Start in the CLI to get a quick picture of what needs testing:

Step 2: Generate Tests in Parallel Worktrees

Section titled “Step 2: Generate Tests in Parallel Worktrees”

Take the prioritized list and split it into parallel workstreams. In the Codex App, create a worktree thread for each module or group of related files. Each worktree gets its own isolated copy of the repo, so the agents can run tests without interfering with each other.

Worktree Thread 1: Service Layer Tests

Worktree Thread 2: API Route Tests

Generate integration tests for the order API routes:
- POST /api/orders (create order)
- DELETE /api/orders/:id (cancel order)
- POST /api/orders/:id/refund (refund order)
Requirements:
- Follow patterns in tests/integration/ (read existing tests first)
- Use supertest for HTTP assertions
- Set up and tear down test database state in beforeEach/afterEach
- Test authentication (valid token, missing token, wrong user)
- Test validation (missing fields, invalid types, boundary values)
- Test error responses (404 for missing orders, 409 for already cancelled)
Run tests after writing them. Fix any failures.

Worktree Thread 3: Edge Case and Error Path Tests

Audit the existing tests in tests/ and identify missing edge case coverage for:
- Error handling paths that are never tested
- Boundary conditions (empty arrays, null values, maximum lengths)
- Concurrent access scenarios
- Timeout and retry behavior
Write tests for the top 15 missing edge cases you find. Follow existing test conventions. Run the full suite after adding them.

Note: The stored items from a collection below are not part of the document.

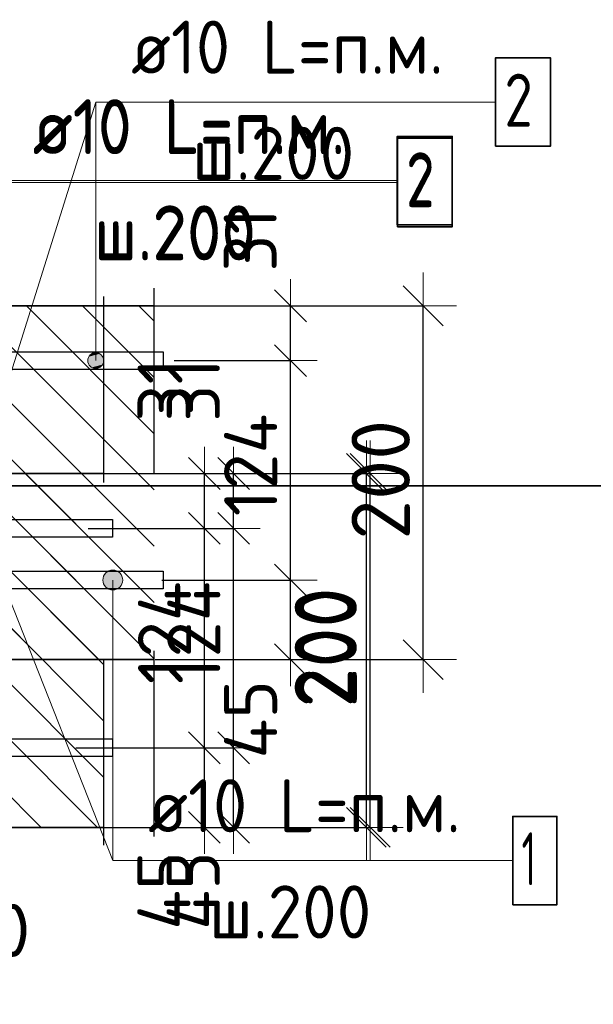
# Model space of a CAD drawing. Header units: metres. Extents: x -38 to 102, y -15 to 21.
# Tile 177 of 229: x 72.581 to 72.905, y 6.283 to 6.84. Entities that reach past the tile are written whole.
import ezdxf

# ---------------------------------------------------------------- set-up
doc = ezdxf.new("R2010")
doc.units = ezdxf.units.M
doc.header["$PDMODE"] = 65
doc.linetypes.add('______4', pattern=[0.135, 0.105, -0.03])
for name, color, linetype, lineweight in [('XR$3$Арм. стержнями верхней зоны', 180, 'Continuous', 35), ('XR$3$Арм. стержнями нижней зоны', 180, 'Continuous', 35), ('XR$3$Арм.стержн. Арматура края', 96, 'Continuous', 35), ('XR$3$Размерная линия (1)', 7, 'Continuous', 13), ('XR$3$Размерная линия_ общее', 7, 'Continuous', 13), ('XR$4$Арм. стержнями верхней зоны', 180, 'Continuous', 35), ('XR$4$Арм. стержнями нижней зоны', 180, 'Continuous', 35), ('XR$4$Арм.стержн. Арматура края', 96, 'Continuous', 35), ('XR$4$Размерная линия (1)', 7, 'Continuous', 13), ('XR$4$Размерная линия_ общее', 7, 'Continuous', 13), ('XR$5$Текст_ примечание', 7, 'Continuous', 13), ('XR$6$Арм. стержнями верхней зоны', 180, 'Continuous', 35), ('XR$6$Арм. стержнями нижней зоны', 180, 'Continuous', 35), ('XR$6$Арм.стержн. Арматура края', 96, 'Continuous', 35), ('XR$6$Размерная линия (1)', 7, 'Continuous', 13), ('XR$6$Размерная линия_ общее', 7, 'Continuous', 13)]:
    doc.layers.add(name, color=color, linetype=linetype, lineweight=lineweight)
doc.styles.add('ISOCPEUR', font='txt')
doc.dimstyles.new('DIMSTYLE_12', dxfattribs={"dimtxt": 0.03, "dimasz": 0.03, "dimexe": 0, "dimexo": 0, "dimgap": 0.015, "dimtad": 2, "dimdec": 0, "dimlfac": 1000, "dimrnd": 1, "dimzin": 12, "dimdsep": 46, "dimtxsty": 'ISOCPEUR', "dimblk1": 'ALL_ML_STRICH', "dimblk2": 'ALL_ML_STRICH', "dimsah": 1, "dimcen": 0, "dimclrd": 7, "dimclre": 256, "dimclrt": 7, "dimadec": 0, "dimazin": 0, "dimtfac": 1, "dimtdec": 0, "dimtix": 1, "dimtmove": 2, "dimatfit": 3, "dimfxl": 0, "dimtzin": 0, "dimlwd": 0, "dimlwe": -3, "dimarcsym": 0})
doc.dimstyles.new('DIMSTYLE_14', dxfattribs={"dimtxt": 0.03, "dimasz": 0.03, "dimexe": 0, "dimexo": 0, "dimgap": 0.015, "dimtad": 2, "dimdec": 0, "dimlfac": 1000, "dimrnd": 1, "dimzin": 12, "dimdsep": 46, "dimtxsty": 'ISOCPEUR', "dimblk1": 'ALL_ML_STRICH', "dimblk2": 'ALL_ML_STRICH', "dimsah": 1, "dimcen": 0, "dimclrd": 7, "dimclre": 256, "dimclrt": 7, "dimadec": 0, "dimazin": 0, "dimtfac": 1, "dimtdec": 0, "dimtix": 1, "dimtmove": 2, "dimatfit": 3, "dimfxl": 0, "dimtvp": 1.2, "dimtzin": 0, "dimlwd": 0, "dimlwe": -3, "dimarcsym": 0})
doc.dimstyles.new('DIMSTYLE_8', dxfattribs={"dimtxt": 0.033, "dimasz": 0.0375, "dimexe": 0, "dimexo": 0, "dimgap": 0.0165, "dimtad": 2, "dimdec": 0, "dimlfac": 1000, "dimrnd": 1, "dimzin": 12, "dimdsep": 46, "dimtxsty": 'ISOCPEUR', "dimblk1": 'ALL_ML_STRICH', "dimblk2": 'ALL_ML_STRICH', "dimsah": 1, "dimcen": 0, "dimclrd": 7, "dimclre": 256, "dimclrt": 7, "dimadec": 0, "dimazin": 0, "dimtfac": 1, "dimtdec": 0, "dimtix": 1, "dimtmove": 2, "dimatfit": 3, "dimfxl": 0, "dimtzin": 0, "dimlwd": 0, "dimlwe": -3, "dimarcsym": 0})
pattern_1 = [(135, (0, 0), (-0.031819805, -0.031819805), [0.4, -0.05, 0, -0.05]), (135, (-0.01591, -0.01591), (-0.031819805, -0.031819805), [0.8, -0.1, 0.1, -0.1])]

# ---------------------------------------------------------------- blocks, each defined once
blk = doc.blocks.new('ALL_ML_STRICH')
at = {"color": 0, "linetype": 'ByBlock', "lineweight": -2}
for p, q in [((0, -0.5), (0, 0.5)), ((-0.3, -0.3), (0.3, 0.3)), ((-1, 0), (0.5, 0))]:
    blk.add_line(p, q, dxfattribs=at)
blk = doc.blocks.new('*D72')
at = {"layer": 'DEFPOINTS', "color": 7, "linetype": 'Continuous', "lineweight": 13, "transparency": 33554687}
for p in [(72.63764, 6.67826), (72.63764, 6.47826), (72.80919, 6.47826)]:
    blk.add_point(p, dxfattribs=at)
at = {"layer": 'XR$3$Размерная линия_ общее', "color": 253, "linetype": 'Continuous', "lineweight": -2, "true_color": 0xa0a0a0, "transparency": 33554687}
for p, q in [((72.65764, 6.67826), (72.80919, 6.67826)), ((72.65764, 6.47826), (72.80919, 6.47826))]:
    blk.add_line(p, q, dxfattribs=at)
at = {"layer": 'XR$3$Размерная линия_ общее', "color": 7, "linetype": 'Continuous', "lineweight": -2, "transparency": 33554687}
blk.add_line((72.80919, 6.47826), (72.80919, 6.67826), dxfattribs=at)
at = {"layer": 'XR$3$Размерная линия_ общее', "color": 7, "linetype": 'Continuous', "lineweight": 13, "transparency": 33554687, "xscale": 0.0375, "yscale": 0.0375, "zscale": 0.0375}
for p, rotation in [((72.80919, 6.67826), 90), ((72.80919, 6.47826), 270)]:
    blk.add_blockref('ALL_ML_STRICH', p, dxfattribs=dict(at, rotation=rotation))
at = {"layer": 'XR$3$Размерная линия_ общее', "color": 7, "linetype": 'Continuous', "lineweight": 13, "transparency": 33554687, "insert": (72.78519, 6.57991), "char_height": 0.033, "width": 0.099, "attachment_point": 5, "rotation": 90, "style": 'ISOCPEUR'}
blk.add_mtext('\\A1;{200}', dxfattribs=at)
blk = doc.blocks.new('*D76')
at = {"layer": 'DEFPOINTS', "color": 7, "linetype": 'Continuous', "lineweight": 13, "transparency": 33554687}
for p in [(72.4853, 6.41826), (72.52526, 6.37826), (72.4853, 6.30302)]:
    blk.add_point(p, dxfattribs=at)
at = {"layer": 'XR$3$Размерная линия (1)', "color": 9, "linetype": 'Continuous', "lineweight": -2, "true_color": 0xc7c7c7, "transparency": 33554687}
for p, q in [((72.4853, 6.39826), (72.4853, 6.30302)), ((72.52526, 6.35826), (72.52526, 6.30302))]:
    blk.add_line(p, q, dxfattribs=at)
at = {"layer": 'XR$3$Размерная линия (1)', "color": 7, "linetype": 'Continuous', "lineweight": -2, "transparency": 33554687}
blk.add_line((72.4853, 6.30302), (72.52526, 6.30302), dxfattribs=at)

Step 3: Review Generated Tests with /review

Section titled “Step 3: Review Generated Tests with /review”

Before merging any generated tests, use the /review command to have Codex audit the test quality. In the CLI, open a session and run:

/review Focus on test quality: Are the assertions meaningful or just checking truthy values? Are the mocks realistic? Do the tests actually exercise the code paths they claim to cover? Flag any tests that would pass even if the implementation was wrong.

Or in the App, open the review pane for each worktree and leave inline comments on tests that look suspicious. Then send a follow-up: “Address the inline comments and improve the flagged tests.”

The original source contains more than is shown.